# Carb. On A Tecumseh 6.75 Eagar 1 Motor



## Whizkid (May 2, 2010)

Hi to all on forum,

This is my first time posting on this site ,as I also just joined . I work with small engines along with anything else that needs working on . Anything from computers , to electronics , to appliances. I have to keep this short and sweet as it is storming bad here and need to get off of computer. And my qoestion is ... Anyone know how to adjust the carb. on a Techumseh 6.75 HP Eager 1 motor on a Craftsman self propelled mower. I have one and it won't run. Spray carb. cleaner in breather or spark plug hole and it will start and run for a secend. I've cleaned carb ( spayed it with cleaner , sprayed the holes out and blowed it off with an air hose and poked the holes out with a small wire ), Carb. really wasn't all that dirty, but I couldn't get it to start earlier after a few pulls and priming. Any ideas to test it or fix it or to adjust the carb. ??? By the way the carb. on that motor is about the sorriest excuse for a carb. that there is for a carb. looks more like a heat sink to me. Here is the Sears number for the mower itself - 917.377971 and the Sears number for the motor- 143.996712. I tried to include a like to Sears parts for the carb break down, but the site was down.

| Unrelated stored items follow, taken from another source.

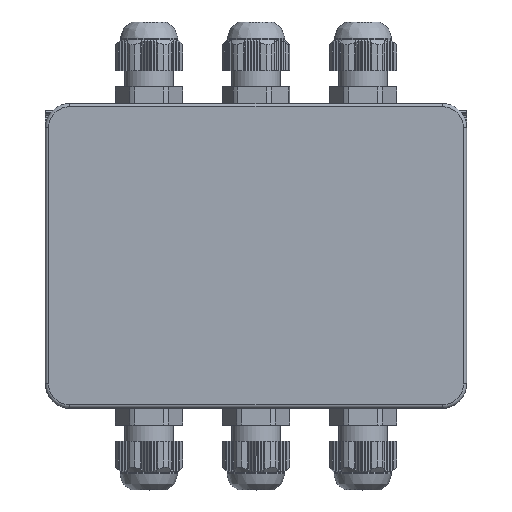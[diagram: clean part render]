
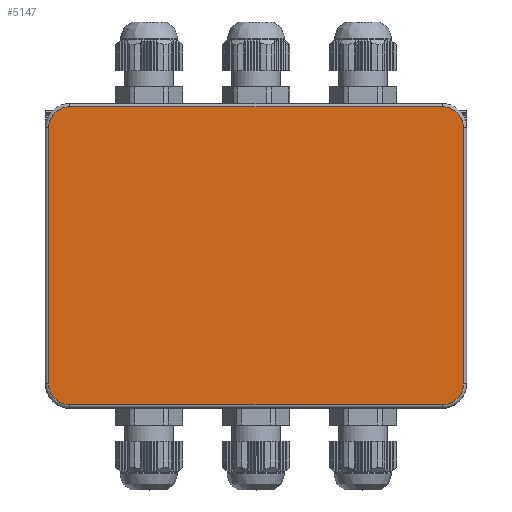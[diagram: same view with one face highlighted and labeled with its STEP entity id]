
A CAD part, top view. The second image highlights one B-rep face of the part: STEP entity #5147.
In plain terms, the highlighted planar face has unit normal (0, 0, 1).
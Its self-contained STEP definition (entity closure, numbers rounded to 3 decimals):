
#198=PLANE('',#5552);
#514=FACE_OUTER_BOUND('',#839,.T.);
#839=EDGE_LOOP('',(#3625,#3626,#3627,#3628,#3629,#3630,#3631,#3632));
#1266=LINE('',#7786,#1666);
#1267=LINE('',#7790,#1667);
#1268=LINE('',#7794,#1668);
#1269=LINE('',#7798,#1669);
#1666=VECTOR('',#6219,1000.);
#1667=VECTOR('',#6222,1000.);
#1668=VECTOR('',#6225,1000.);
#1669=VECTOR('',#6228,1000.);
#2070=CIRCLE('',#5553,6.5);
#2071=CIRCLE('',#5554,6.5);
#2072=CIRCLE('',#5555,6.5);
#2073=CIRCLE('',#5556,6.5);
#2328=VERTEX_POINT('',#7784);
#2329=VERTEX_POINT('',#7785);
#2330=VERTEX_POINT('',#7787);
#2331=VERTEX_POINT('',#7789);
#2332=VERTEX_POINT('',#7791);
#2333=VERTEX_POINT('',#7793);
#2334=VERTEX_POINT('',#7795);
#2335=VERTEX_POINT('',#7797);
#2862=EDGE_CURVE('',#2328,#2329,#1266,.T.);
#2863=EDGE_CURVE('',#2329,#2330,#2070,.T.);
#2864=EDGE_CURVE('',#2330,#2331,#1267,.T.);
#2865=EDGE_CURVE('',#2331,#2332,#2071,.T.);
#2866=EDGE_CURVE('',#2332,#2333,#1268,.T.);
#2867=EDGE_CURVE('',#2333,#2334,#2072,.T.);
#2868=EDGE_CURVE('',#2334,#2335,#1269,.T.);
#2869=EDGE_CURVE('',#2335,#2328,#2073,.T.);
#3625=ORIENTED_EDGE('',*,*,#2862,.T.);
#3626=ORIENTED_EDGE('',*,*,#2863,.T.);
#3627=ORIENTED_EDGE('',*,*,#2864,.T.);
#3628=ORIENTED_EDGE('',*,*,#2865,.T.);
#3629=ORIENTED_EDGE('',*,*,#2866,.T.);
#3630=ORIENTED_EDGE('',*,*,#2867,.T.);
#3631=ORIENTED_EDGE('',*,*,#2868,.T.);
#3632=ORIENTED_EDGE('',*,*,#2869,.T.);
#5147=ADVANCED_FACE('',(#514),#198,.T.);
#5552=AXIS2_PLACEMENT_3D('',#7783,#6217,#6218);
#5553=AXIS2_PLACEMENT_3D('',#7788,#6220,#6221);
#5554=AXIS2_PLACEMENT_3D('',#7792,#6223,#6224);
#5555=AXIS2_PLACEMENT_3D('',#7796,#6226,#6227);
#5556=AXIS2_PLACEMENT_3D('',#7799,#6229,#6230);
#6217=DIRECTION('center_axis',(0.,0.,1.));
#6218=DIRECTION('ref_axis',(1.,0.,0.));
#6219=DIRECTION('',(0.,-1.,0.));
#6220=DIRECTION('center_axis',(0.,0.,1.));
#6221=DIRECTION('ref_axis',(1.,0.,0.));
#6222=DIRECTION('',(1.,0.,0.));
#6223=DIRECTION('center_axis',(0.,0.,1.));
#6224=DIRECTION('ref_axis',(1.,0.,0.));
#6225=DIRECTION('',(0.,1.,0.));
#6226=DIRECTION('center_axis',(0.,0.,1.));
#6227=DIRECTION('ref_axis',(1.,0.,0.));
#6228=DIRECTION('',(-1.,0.,0.));
#6229=DIRECTION('center_axis',(0.,0.,1.));
#6230=DIRECTION('ref_axis',(1.,0.,0.));
#7783=CARTESIAN_POINT('Origin',(-57.5,-39.5,15.));
#7784=CARTESIAN_POINT('',(-64.,39.5,15.));
#7785=CARTESIAN_POINT('',(-64.,-39.5,15.));
#7786=CARTESIAN_POINT('',(-64.,-39.5,15.));
#7787=CARTESIAN_POINT('',(-57.5,-46.,15.));
#7788=CARTESIAN_POINT('Origin',(-57.5,-39.5,15.));
#7789=CARTESIAN_POINT('',(57.5,-46.,15.));
#7790=CARTESIAN_POINT('',(57.5,-46.,15.));
#7791=CARTESIAN_POINT('',(64.,-39.5,15.));
#7792=CARTESIAN_POINT('Origin',(57.5,-39.5,15.));
#7793=CARTESIAN_POINT('',(64.,39.5,15.));
#7794=CARTESIAN_POINT('',(64.,39.5,15.));
#7795=CARTESIAN_POINT('',(57.5,46.,15.));
#7796=CARTESIAN_POINT('Origin',(57.5,39.5,15.));
#7797=CARTESIAN_POINT('',(-57.5,46.,15.));
#7798=CARTESIAN_POINT('',(-57.5,46.,15.));
#7799=CARTESIAN_POINT('Origin',(-57.5,39.5,15.));
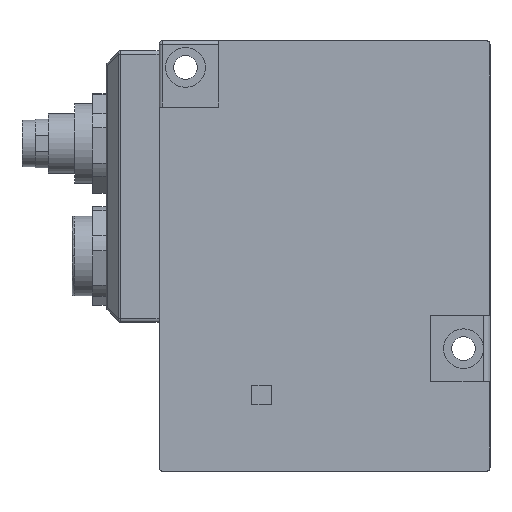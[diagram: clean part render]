
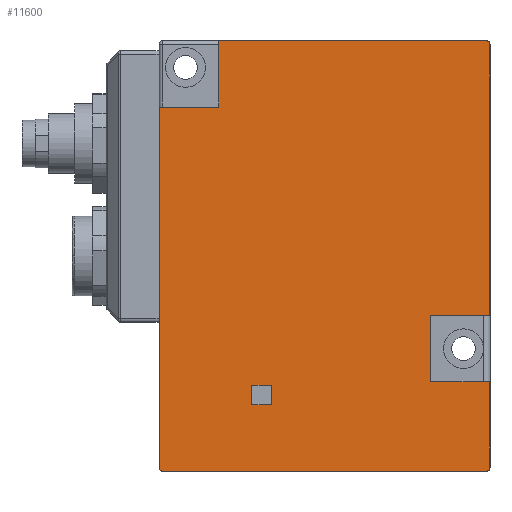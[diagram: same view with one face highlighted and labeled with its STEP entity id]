
A CAD part, front view. The second image highlights one B-rep face of the part: STEP entity #11600.
In plain terms, the highlighted planar face has unit normal (0, -1, 0).
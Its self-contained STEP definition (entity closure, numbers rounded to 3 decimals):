
#594 = PLANE ( 'NONE',  #11113 ) ;
#595 = CARTESIAN_POINT ( 'NONE',  ( 0., 0., -65. ) ) ;
#596 = DIRECTION ( 'NONE',  ( 0., -1., 0. ) ) ;
#597 = DIRECTION ( 'NONE',  ( 0., 0., -1. ) ) ;
#1607 = ORIENTED_EDGE ( 'NONE', *, *, #6909, .F. ) ;
#1608 = ORIENTED_EDGE ( 'NONE', *, *, #6910, .T. ) ;
#1609 = ORIENTED_EDGE ( 'NONE', *, *, #6911, .T. ) ;
#1610 = ORIENTED_EDGE ( 'NONE', *, *, #6912, .F. ) ;
#1611 = ORIENTED_EDGE ( 'NONE', *, *, #6913, .F. ) ;
#1612 = ORIENTED_EDGE ( 'NONE', *, *, #6914, .F. ) ;
#1613 = ORIENTED_EDGE ( 'NONE', *, *, #6915, .F. ) ;
#1614 = ORIENTED_EDGE ( 'NONE', *, *, #6916, .T. ) ;
#1615 = ORIENTED_EDGE ( 'NONE', *, *, #6917, .F. ) ;
#1616 = ORIENTED_EDGE ( 'NONE', *, *, #6918, .T. ) ;
#1617 = ORIENTED_EDGE ( 'NONE', *, *, #6919, .T. ) ;
#1618 = ORIENTED_EDGE ( 'NONE', *, *, #6920, .F. ) ;
#1619 = ORIENTED_EDGE ( 'NONE', *, *, #6921, .F. ) ;
#1620 = ORIENTED_EDGE ( 'NONE', *, *, #6922, .F. ) ;
#1621 = ORIENTED_EDGE ( 'NONE', *, *, #6923, .F. ) ;
#1622 = ORIENTED_EDGE ( 'NONE', *, *, #6924, .F. ) ;
#1623 = ORIENTED_EDGE ( 'NONE', *, *, #6925, .F. ) ;
#1752 = EDGE_LOOP ( 'NONE', ( #1620, #1621, #1622, #1623 ) ) ;
#3239 = AXIS2_PLACEMENT_3D ( 'NONE', #7976, #7977, #7978 ) ;
#3244 = AXIS2_PLACEMENT_3D ( 'NONE', #7740, #7741, #7742 ) ;
#3253 = AXIS2_PLACEMENT_3D ( 'NONE', #7729, #7730, #7731 ) ;
#4715 = LINE ( 'NONE', #7725, #4717 ) ;
#4717 = VECTOR ( 'NONE', #7726, 1000. ) ;
#4718 = LINE ( 'NONE', #7727, #4719 ) ;
#4719 = VECTOR ( 'NONE', #7728, 1000. ) ;
#4720 = LINE ( 'NONE', #7732, #4722 ) ;
#4721 = CIRCLE ( 'NONE', #3253, 0.5 ) ;
#4722 = VECTOR ( 'NONE', #7733, 1000. ) ;
#4723 = LINE ( 'NONE', #7734, #4724 ) ;
#4724 = VECTOR ( 'NONE', #7735, 1000. ) ;
#4725 = LINE ( 'NONE', #7736, #4726 ) ;
#4726 = VECTOR ( 'NONE', #7737, 1000. ) ;
#4727 = LINE ( 'NONE', #7738, #4728 ) ;
#4728 = VECTOR ( 'NONE', #7739, 1000. ) ;
#4729 = LINE ( 'NONE', #7743, #4731 ) ;
#4730 = CIRCLE ( 'NONE', #3244, 0.5 ) ;
#4731 = VECTOR ( 'NONE', #7744, 1000. ) ;
#4732 = LINE ( 'NONE', #7979, #4734 ) ;
#4733 = CIRCLE ( 'NONE', #3239, 0.5 ) ;
#4734 = VECTOR ( 'NONE', #7980, 1000. ) ;
#4735 = LINE ( 'NONE', #7981, #4736 ) ;
#4736 = VECTOR ( 'NONE', #7982, 1000. ) ;
#4737 = LINE ( 'NONE', #7983, #4738 ) ;
#4738 = VECTOR ( 'NONE', #7984, 1000. ) ;
#4739 = LINE ( 'NONE', #7985, #4740 ) ;
#4740 = VECTOR ( 'NONE', #7986, 1000. ) ;
#4741 = LINE ( 'NONE', #7987, #4742 ) ;
#4742 = VECTOR ( 'NONE', #7988, 1000. ) ;
#4743 = LINE ( 'NONE', #7989, #4744 ) ;
#4744 = VECTOR ( 'NONE', #7990, 1000. ) ;
#4745 = LINE ( 'NONE', #7991, #4746 ) ;
#4746 = VECTOR ( 'NONE', #7992, 1000. ) ;
#6909 = EDGE_CURVE ( '������39', #7943, #7771, #4715, .T. ) ;
#6910 = EDGE_CURVE ( '������17', #7943, #7864, #4718, .T. ) ;
#6911 = EDGE_CURVE ( 'NONE', #7864, #7913, #4721, .T. ) ;
#6912 = EDGE_CURVE ( 'NONE', #7918, #7913, #4720, .T. ) ;
#6913 = EDGE_CURVE ( '������1', #7763, #7918, #4723, .T. ) ;
#6914 = EDGE_CURVE ( '������48', #7812, #7763, #4725, .T. ) ;
#6915 = EDGE_CURVE ( 'NONE', #7972, #7812, #4727, .T. ) ;
#6916 = EDGE_CURVE ( 'NONE', #7972, #7824, #4730, .T. ) ;
#6917 = EDGE_CURVE ( '������85', #7897, #7824, #4729, .T. ) ;
#6918 = EDGE_CURVE ( 'NONE', #7897, #7773, #4733, .T. ) ;
#6919 = EDGE_CURVE ( '������100', #7773, #7884, #4732, .T. ) ;
#6920 = EDGE_CURVE ( '������45', #7768, #7884, #4735, .T. ) ;
#6921 = EDGE_CURVE ( '������13', #7771, #7768, #4737, .T. ) ;
#6922 = EDGE_CURVE ( 'NONE', #7849, #7807, #4739, .T. ) ;
#6923 = EDGE_CURVE ( 'NONE', #7965, #7849, #4741, .T. ) ;
#6924 = EDGE_CURVE ( 'NONE', #7930, #7965, #4743, .T. ) ;
#6925 = EDGE_CURVE ( 'NONE', #7807, #7930, #4745, .T. ) ;
#7725 = CARTESIAN_POINT ( 'NONE',  ( 50., 0., -41.5 ) ) ;
#7726 = DIRECTION ( 'NONE',  ( -1., 0., 0. ) ) ;
#7727 = CARTESIAN_POINT ( 'NONE',  ( 49.866, 0., -41.5 ) ) ;
#7728 = DIRECTION ( 'NONE',  ( 0., 0., 1. ) ) ;
#7729 = CARTESIAN_POINT ( 'NONE',  ( 49.5, 0., -0.5 ) ) ;
#7730 = DIRECTION ( 'NONE',  ( 0., -1., 0. ) ) ;
#7731 = DIRECTION ( 'NONE',  ( 0., 0., -1. ) ) ;
#7732 = CARTESIAN_POINT ( 'NONE',  ( 0., 0., 0. ) ) ;
#7733 = DIRECTION ( 'NONE',  ( 1., 0., 0. ) ) ;
#7734 = CARTESIAN_POINT ( 'NONE',  ( 9., 0., 0. ) ) ;
#7735 = DIRECTION ( 'NONE',  ( 0., 0., 1. ) ) ;
#7736 = CARTESIAN_POINT ( 'NONE',  ( 0., 0., -10. ) ) ;
#7737 = DIRECTION ( 'NONE',  ( 1., 0., 0. ) ) ;
#7738 = CARTESIAN_POINT ( 'NONE',  ( 0., 0., 0. ) ) ;
#7739 = DIRECTION ( 'NONE',  ( 0., 0., 1. ) ) ;
#7740 = CARTESIAN_POINT ( 'NONE',  ( 0.5, 0., -64.5 ) ) ;
#7741 = DIRECTION ( 'NONE',  ( 0., -1., 0. ) ) ;
#7742 = DIRECTION ( 'NONE',  ( 0., 0., -1. ) ) ;
#7743 = CARTESIAN_POINT ( 'NONE',  ( 0., 0., -65. ) ) ;
#7744 = DIRECTION ( 'NONE',  ( -1., 0., 0. ) ) ;
#7763 = VERTEX_POINT ( 'NONE', #8272 ) ;
#7768 = VERTEX_POINT ( 'NONE', #8277 ) ;
#7771 = VERTEX_POINT ( 'NONE', #8280 ) ;
#7773 = VERTEX_POINT ( 'NONE', #8282 ) ;
#7807 = VERTEX_POINT ( 'NONE', #8316 ) ;
#7812 = VERTEX_POINT ( 'NONE', #8321 ) ;
#7824 = VERTEX_POINT ( 'NONE', #8333 ) ;
#7849 = VERTEX_POINT ( 'NONE', #8358 ) ;
#7864 = VERTEX_POINT ( 'NONE', #8373 ) ;
#7884 = VERTEX_POINT ( 'NONE', #8393 ) ;
#7897 = VERTEX_POINT ( 'NONE', #8406 ) ;
#7913 = VERTEX_POINT ( 'NONE', #8422 ) ;
#7918 = VERTEX_POINT ( 'NONE', #8427 ) ;
#7930 = VERTEX_POINT ( 'NONE', #8439 ) ;
#7943 = VERTEX_POINT ( 'NONE', #8452 ) ;
#7965 = VERTEX_POINT ( 'NONE', #8474 ) ;
#7972 = VERTEX_POINT ( 'NONE', #8481 ) ;
#7976 = CARTESIAN_POINT ( 'NONE',  ( 49.5, 0., -64.5 ) ) ;
#7977 = DIRECTION ( 'NONE',  ( 0., -1., 0. ) ) ;
#7978 = DIRECTION ( 'NONE',  ( 0., 0., -1. ) ) ;
#7979 = CARTESIAN_POINT ( 'NONE',  ( 49.866, 0., -64.841 ) ) ;
#7980 = DIRECTION ( 'NONE',  ( 0., 0., 1. ) ) ;
#7981 = CARTESIAN_POINT ( 'NONE',  ( 50., 0., -51.5 ) ) ;
#7982 = DIRECTION ( 'NONE',  ( 1., 0., 0. ) ) ;
#7983 = CARTESIAN_POINT ( 'NONE',  ( 41., 0., -41.5 ) ) ;
#7984 = DIRECTION ( 'NONE',  ( 0., 0., -1. ) ) ;
#7985 = CARTESIAN_POINT ( 'NONE',  ( 14., 0., -55. ) ) ;
#7986 = DIRECTION ( 'NONE',  ( 1., 0., 0. ) ) ;
#7987 = CARTESIAN_POINT ( 'NONE',  ( 14., 0., -52. ) ) ;
#7988 = DIRECTION ( 'NONE',  ( 0., 0., -1. ) ) ;
#7989 = CARTESIAN_POINT ( 'NONE',  ( 14., 0., -52. ) ) ;
#7990 = DIRECTION ( 'NONE',  ( -1., 0., 0. ) ) ;
#7991 = CARTESIAN_POINT ( 'NONE',  ( 17., 0., -52. ) ) ;
#7992 = DIRECTION ( 'NONE',  ( 0., 0., 1. ) ) ;
#8272 = CARTESIAN_POINT ( 'NONE',  ( 9., 0., -10. ) ) ;
#8277 = CARTESIAN_POINT ( 'NONE',  ( 41., 0., -51.5 ) ) ;
#8280 = CARTESIAN_POINT ( 'NONE',  ( 41., 0., -41.5 ) ) ;
#8282 = CARTESIAN_POINT ( 'NONE',  ( 49.866, 0., -64.841 ) ) ;
#8316 = CARTESIAN_POINT ( 'NONE',  ( 17., 0., -55. ) ) ;
#8321 = CARTESIAN_POINT ( 'NONE',  ( 0., 0., -10. ) ) ;
#8333 = CARTESIAN_POINT ( 'NONE',  ( 0.5, 0., -65. ) ) ;
#8358 = CARTESIAN_POINT ( 'NONE',  ( 14., 0., -55. ) ) ;
#8373 = CARTESIAN_POINT ( 'NONE',  ( 49.866, 0., -0.159 ) ) ;
#8393 = CARTESIAN_POINT ( 'NONE',  ( 49.866, 0., -51.5 ) ) ;
#8406 = CARTESIAN_POINT ( 'NONE',  ( 49.5, 0., -65. ) ) ;
#8422 = CARTESIAN_POINT ( 'NONE',  ( 49.5, 0., 0. ) ) ;
#8427 = CARTESIAN_POINT ( 'NONE',  ( 9., 0., 0. ) ) ;
#8439 = CARTESIAN_POINT ( 'NONE',  ( 17., 0., -52. ) ) ;
#8452 = CARTESIAN_POINT ( 'NONE',  ( 49.866, 0., -41.5 ) ) ;
#8474 = CARTESIAN_POINT ( 'NONE',  ( 14., 0., -52. ) ) ;
#8481 = CARTESIAN_POINT ( 'NONE',  ( 0., 0., -64.5 ) ) ;
#9194 = FACE_OUTER_BOUND ( 'NONE', #10013, .T. ) ;
#9195 = FACE_BOUND ( 'NONE', #1752, .T. ) ;
#10013 = EDGE_LOOP ( 'NONE', ( #1607, #1608, #1609, #1610, #1611, #1612, #1613, #1614, #1615, #1616, #1617, #1618, #1619 ) ) ;
#11113 = AXIS2_PLACEMENT_3D ( 'NONE', #595, #596, #597 ) ;
#11600 = ADVANCED_FACE ( '�����12', ( #9194, #9195 ), #594, .T. ) ;

I need a repair manual for this motor , I prefer a free one as I hardly ever fool with these brands of motors.


----------



## Whizkid (May 2, 2010)

*Forgot to say thank you*

Thanks to any and all for any help .

Thank you , 
Whizkid


----------



## indypower (Apr 8, 2009)

There is no adjustment on this carb. This is an EPA carb that has fixed jets. I would say that the main jet is still dirty.


----------



## bec98x (Jan 5, 2007)

indypower said:


> There is no adjustment on this carb. This is an EPA carb that has fixed jets. I would say that the main jet is still dirty.


I second that!


----------



## keb (May 26, 2010)

Did you check the orings around the throttle nozzle?They like to soften up and decompose.If they are bad all the cleaning in the world won'thelp!


----------



## glenjudy (Aug 26, 2006)

keb said:


> Did you check the orings around the throttle nozzle?They like to soften up and decompose.If they are bad all the cleaning in the world won'thelp!


I 2nd that!


----------